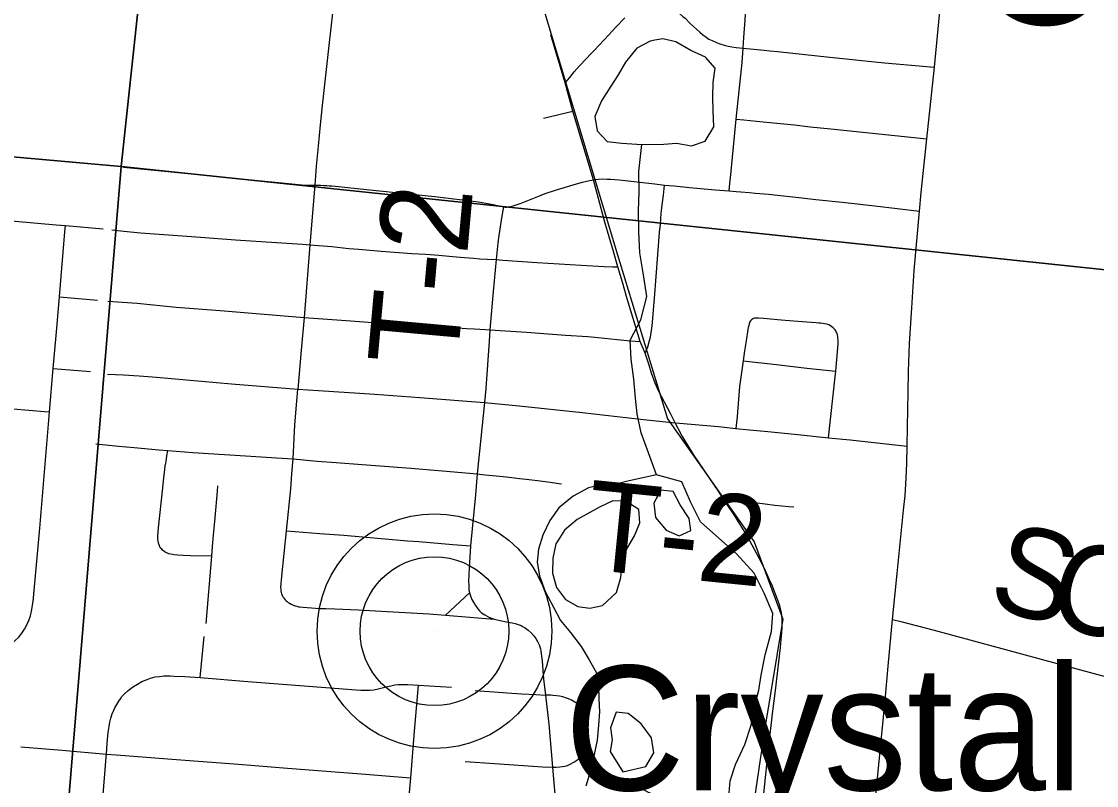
# Model space of a CAD drawing. Extents: x 0 to 1134, y 0 to 440.
# Drawn here: x 835.473 to 836.155, y 360.564 to 361.049 of the extents above; entities that cross this region are included whole.
import ezdxf

# ---------------------------------------------------------------- set-up
doc = ezdxf.new("R2010")
doc.units = 0
for name, color, linetype in [('GM_X_Minor_Lake', 7, 'Continuous'), ('GM_X_Minor_Lake_Text', 7, 'Continuous'), ('GM_X_Minor_River', 7, 'Continuous'), ('GM_X_Rail_Line', 7, 'Continuous'), ('GM_X_Section', 7, 'Continuous'), ('GM_X_Township_Road', 7, 'Continuous'), ('GM_X_Township_Road_Text', 7, 'Continuous'), ('GM_X_Unincorporated', 7, 'Continuous'), ('GM_X_Unincorporated_Location', 7, 'Continuous'), ('GM_X_Unincorporated_Text', 7, 'Continuous')]:
    doc.layers.add(name, color=color, linetype=linetype)

msp = doc.modelspace()

# ---------------------------------------------------------------- linework, layer by layer
at = {"layer": 'GM_X_Minor_Lake'}
for points in [[(835.86645, 360.97101), (835.88032, 360.97116), (835.88829, 360.97183), (835.89775, 360.97019), (835.9065, 360.97311), (835.91193, 360.98215), (835.91168, 360.9924), (835.9114, 361.00114), (835.91152, 361.01025), (835.91277, 361.01934), (835.90679, 361.02625), (835.89736, 361.03054), (835.88795, 361.03597), (835.87963, 361.03797), (835.87461, 361.03708)], [(835.87461, 361.03708), (835.87165, 361.03656), (835.86325, 361.03211), (835.85593, 361.02309), (835.85129, 361.01518), (835.84664, 361.00803), (835.84084, 360.99861), (835.83655, 360.9888), (835.83795, 360.97967), (835.84431, 360.97276), (835.85378, 360.97188), (835.86645, 360.97101)], [(835.87834, 360.75181), (835.87406, 360.74351), (835.87509, 360.73439), (835.88181, 360.72633), (835.89011, 360.72281), (835.89478, 360.72496)], [(835.89478, 360.72496), (835.89736, 360.72614), (835.89631, 360.73374), (835.89073, 360.74254), (835.88629, 360.75095), (835.87834, 360.75181)], [(835.86453, 360.73946), (835.85626, 360.74487), (835.84791, 360.74498), (835.8399, 360.74129), (835.83341, 360.73757), (835.82539, 360.73312), (835.81735, 360.72639), (835.81316, 360.71969)], [(835.81316, 360.71969), (835.81193, 360.71772), (835.80992, 360.70864), (835.8098, 360.69915), (835.81234, 360.69001), (835.81793, 360.68235), (835.82584, 360.67808), (835.83341, 360.67684), (835.8414, 360.67864), (835.85022, 360.68688), (835.853, 360.69633), (835.85387, 360.70581), (835.85663, 360.71413), (835.86167, 360.72279), (835.86518, 360.7311), (835.86453, 360.73946)], [(835.86036, 360.60793), (835.85761, 360.61011), (835.85004, 360.61097), (835.8465, 360.60115), (835.84754, 360.59354), (835.84631, 360.58597), (835.85436, 360.57319)], [(835.85436, 360.57319), (835.86894, 360.57658), (835.87398, 360.58524), (835.87258, 360.59475), (835.86587, 360.60356), (835.86036, 360.60793)], [(835.91884, 360.46749), (835.92107, 360.46888), (835.92611, 360.47717), (835.92655, 360.48286), (835.9259, 360.4916), (835.92411, 360.49997), (835.92308, 360.50871), (835.92091, 360.51709), (835.91724, 360.52662), (835.9128, 360.53579), (835.90989, 360.54531), (835.90277, 360.55224), (835.89444, 360.5531), (835.88649, 360.55396), (835.87856, 360.55672), (835.87026, 360.56024), (835.86197, 360.5649), (835.85946, 360.56449)]]:
    msp.add_lwpolyline(points, dxfattribs=at)
at = {"layer": 'GM_X_Minor_River'}
for points in [[(835.86238, 360.81008), (835.86139, 360.82224), (835.85965, 360.83479), (835.85905, 360.84694), (835.86565, 360.85976), (835.86963, 360.87451), (835.86752, 360.8882), (835.86505, 360.90228), (835.86445, 360.91557), (835.86424, 360.92886), (835.86477, 360.941), (835.86455, 360.9539), (835.86645, 360.97101)], [(835.92142, 360.55732), (835.9223, 360.56755), (835.92584, 360.57776), (835.93169, 360.59059), (835.93563, 360.60268), (835.93728, 360.61291), (835.94046, 360.62501), (835.9421, 360.63448), (835.94453, 360.64736), (835.94851, 360.66211), (835.94941, 360.67349), (835.94388, 360.68646), (835.93759, 360.69906), (835.92637, 360.71135), (835.91512, 360.72136), (835.90349, 360.73175), (835.8972, 360.74436), (835.89167, 360.75695), (835.87561, 360.76148), (835.87067, 360.77544), (835.8659, 360.78802), (835.86339, 360.8002), (835.86238, 360.81008)], [(835.87561, 360.76148), (835.85831, 360.75775), (835.84994, 360.75558), (835.8416, 360.75531), (835.83247, 360.75314), (835.82292, 360.74795), (835.81373, 360.74047), (835.80794, 360.73258), (835.80365, 360.72314), (835.80089, 360.71445), (835.80003, 360.70611), (835.80144, 360.69736), (835.80511, 360.68745), (835.81029, 360.67751), (835.81474, 360.66911), (835.82109, 360.66143), (835.8278, 360.65262), (835.83301, 360.64421), (835.83783, 360.63542), (835.83887, 360.62819), (835.83914, 360.61946), (835.83942, 360.61111), (835.83894, 360.60276), (835.83806, 360.59328), (835.83605, 360.5842), (835.83364, 360.57322), (835.83087, 360.56415)], [(835.92142, 360.55732), (835.9223, 360.56755), (835.92584, 360.57776), (835.93169, 360.59059), (835.93563, 360.60268), (835.93728, 360.61291), (835.94046, 360.62501), (835.9421, 360.63448), (835.94453, 360.64736), (835.94851, 360.66211), (835.94941, 360.67349), (835.94388, 360.68646), (835.93759, 360.69906), (835.92637, 360.71135), (835.91512, 360.72136), (835.90349, 360.73175), (835.8972, 360.74436), (835.89167, 360.75695), (835.87561, 360.76148)]]:
    msp.add_lwpolyline(points, dxfattribs=at)
at = {"layer": 'GM_X_Rail_Line'}
msp.add_lwpolyline([(835.79037, 363.32662), (835.76985, 363.15893), (835.76808, 363.11492), (835.63138, 361.80215), (835.63138, 361.77615), (835.80422, 361.05627), (835.85095, 360.90095), (835.88272, 360.79696), (835.93761, 360.71899), (835.95567, 360.66991), (835.94422, 360.59952), (835.93664, 360.54949), (835.94225, 360.47093), (835.94699, 360.39321), (836.15705, 359.9453), (836.1839, 359.91025), (836.20697, 359.89712), (836.2484, 359.8987)], dxfattribs=at)
at = {"layer": 'GM_X_Section'}
for points in [[(834.61488, 362.06738), (835.64427, 361.96312), (835.53634, 360.95691), (834.52187, 361.04717), (834.61421, 362.06014)], [(835.64427, 361.96312), (836.64418, 361.86363), (836.54712, 360.85081), (835.53634, 360.95691)], [(834.52097, 361.03848), (834.52187, 361.04717), (835.53634, 360.95691), (835.45216, 359.94385), (834.43322, 360.03683)], [(835.53634, 360.95691), (836.54712, 360.85081), (836.45669, 359.84923), (835.48391, 359.94065), (835.45216, 359.94385)]]:
    msp.add_lwpolyline(points, close=True, dxfattribs=at)
at = {"layer": 'GM_X_Township_Road'}
for p, q in [((836.05183, 361.02001), (836.05607, 361.06432)), ((836.04701, 360.97452), (836.05183, 361.02001)), ((835.82256, 360.99218), (835.81768, 361.01015)), ((835.80411, 360.9876), (835.82256, 360.99218)), ((835.83573, 360.94855), (835.82256, 360.99218)), ((835.65901, 360.94521), (835.65593, 360.90728)), ((835.50092, 360.91959), (835.52484, 360.91754)), ((835.65593, 360.90728), (835.65218, 360.86128)), ((835.49709, 360.8743), (835.52128, 360.87223)), ((835.86847, 360.83866), (835.86532, 360.8461)), ((835.49079, 360.80136), (835.49319, 360.82885)), ((835.49319, 360.82885), (835.51678, 360.82691)), ((835.76662, 360.80737), (835.76206, 360.76202)), ((835.59013, 360.66729), (835.59369, 360.70997)), ((835.74189, 360.67241), (835.75709, 360.68659)), ((835.74189, 360.67241), (835.77269, 360.66988)), ((835.58632, 360.63287), (835.58898, 360.65892)), ((835.72486, 360.62805), (835.74564, 360.62675)), ((835.8097, 360.57609), (835.81364, 360.53072))]:
    msp.add_line(p, q, dxfattribs=at)
for points in [[(835.93063, 361.03199), (835.93108, 361.03878), (835.93192, 361.04981), (835.93257, 361.06209), (835.93271, 361.06518), (835.93281, 361.06669), (835.93284, 361.06746), (835.93292, 361.06834), (835.93301, 361.06918), (835.93318, 361.07005), (835.93335, 361.07088), (835.93358, 361.07158), (835.93385, 361.0722), (835.93418, 361.07276), (835.93462, 361.07326), (835.93516, 361.07381), (835.93587, 361.07442)], [(835.67072, 361.0578), (835.66944, 361.0468), (835.6675, 361.02984), (835.6637, 360.99562), (835.66252, 360.98333), (835.66126, 360.96997), (835.65999, 360.95721), (835.65969, 360.95399), (835.65901, 360.94521)], [(835.81768, 361.01015), (835.82069, 361.01336), (835.82356, 361.0171), (835.82678, 361.02078), (835.83099, 361.02536), (835.83395, 361.02841), (835.83646, 361.03104), (835.83879, 361.03343), (835.84263, 361.03755), (835.85016, 361.04553), (835.85564, 361.05135)], [(835.88566, 361.05747), (835.88721, 361.05648), (835.88804, 361.05587), (835.89026, 361.05407), (835.89245, 361.05216), (835.89379, 361.05096), (835.89708, 361.04767), (835.90306, 361.04226), (835.90483, 361.04064), (835.90706, 361.03896), (835.90894, 361.03783), (835.91096, 361.03681), (835.91361, 361.03568), (835.91579, 361.03484), (835.91853, 361.03395), (835.9212, 361.03333), (835.92338, 361.03291), (835.92619, 361.03248), (835.93063, 361.03199)], [(835.81768, 361.01015), (835.81332, 361.02485), (835.80861, 361.04043)], [(835.92617, 360.98697), (835.92998, 361.02296), (835.93063, 361.03199)], [(835.93063, 361.03199), (835.93717, 361.03136), (835.94398, 361.03073), (835.94746, 361.03037), (835.95231, 361.02985), (835.98564, 361.02633), (835.99583, 361.02531), (836.00176, 361.02455), (836.00981, 361.02373), (836.0203, 361.02278), (836.05183, 361.02001)], [(835.92179, 360.94147), (835.92217, 360.94621), (835.92278, 360.95187), (835.92617, 360.98697)], [(835.92617, 360.98697), (835.93102, 360.98652), (835.93916, 360.98571), (835.95191, 360.98441), (835.96323, 360.98334), (835.97304, 360.9822), (835.98627, 360.98079), (836.04701, 360.97452)], [(836.04241, 360.92867), (836.0435, 360.94059), (836.04701, 360.97452)], [(835.53779, 360.95653), (835.5638, 360.95397), (835.65283, 360.94514), (835.65453, 360.94512), (835.65623, 360.94509), (835.65901, 360.94521)], [(835.83573, 360.94855), (835.83865, 360.94891), (835.84152, 360.9491), (835.84442, 360.94906), (835.84651, 360.94903), (835.8519, 360.94862), (835.87461, 360.94605), (835.88081, 360.94517)], [(835.65901, 360.94521), (835.66273, 360.94509), (835.66445, 360.94504), (835.6667, 360.94488), (835.66823, 360.94475), (835.66993, 360.94463), (835.69171, 360.94242), (835.73507, 360.93794), (835.7629, 360.93458), (835.7721, 360.93292), (835.77509, 360.93225), (835.7778, 360.93157), (835.77856, 360.93142)], [(835.77856, 360.93142), (835.77972, 360.93128), (835.78078, 360.93124), (835.78212, 360.93135), (835.78408, 360.93179), (835.78984, 360.93382), (835.80139, 360.93847), (835.80509, 360.93984), (835.8123, 360.94225), (835.82493, 360.94608), (835.82867, 360.94706), (835.83126, 360.94772), (835.83573, 360.94855)], [(835.85106, 360.89341), (835.84846, 360.90313), (835.84299, 360.92175), (835.83573, 360.94855)], [(835.86847, 360.83866), (835.87015, 360.84258), (835.87108, 360.84572), (835.87184, 360.84885), (835.87235, 360.85181), (835.87286, 360.85588), (835.87337, 360.86054), (835.87381, 360.86606), (835.87438, 360.87339), (835.87761, 360.91508), (835.8781, 360.92052), (835.8787, 360.9271), (835.87922, 360.93261), (835.88002, 360.93876), (835.88081, 360.94517)], [(835.88081, 360.94517), (835.88695, 360.94478), (835.89657, 360.94378), (835.91293, 360.94222), (835.92179, 360.94147)], [(835.92179, 360.94147), (835.92615, 360.94116), (835.92919, 360.94093), (835.93449, 360.94055), (835.93851, 360.94014), (835.94675, 360.93935), (835.95608, 360.9383), (835.96021, 360.93789), (835.96789, 360.9371), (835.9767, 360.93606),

What is needed:
Only the lines above that include the word "linetype" belong in the answer; copy each one.

Response to the task:
for name, color, linetype in [('GM_X_Minor_Lake', 7, 'Continuous'), ('GM_X_Minor_Lake_Text', 7, 'Continuous'), ('GM_X_Minor_River', 7, 'Continuous'), ('GM_X_Rail_Line', 7, 'Continuous'), ('GM_X_Section', 7, 'Continuous'), ('GM_X_Township_Road', 7, 'Continuous'), ('GM_X_Township_Road_Text', 7, 'Continuous'), ('GM_X_Unincorporated', 7, 'Continuous'), ('GM_X_Unincorporated_Location', 7, 'Continuous'), ('GM_X_Unincorporated_Text', 7, 'Continuous')]:
    doc.layers.add(name, color=color, linetype=linetype)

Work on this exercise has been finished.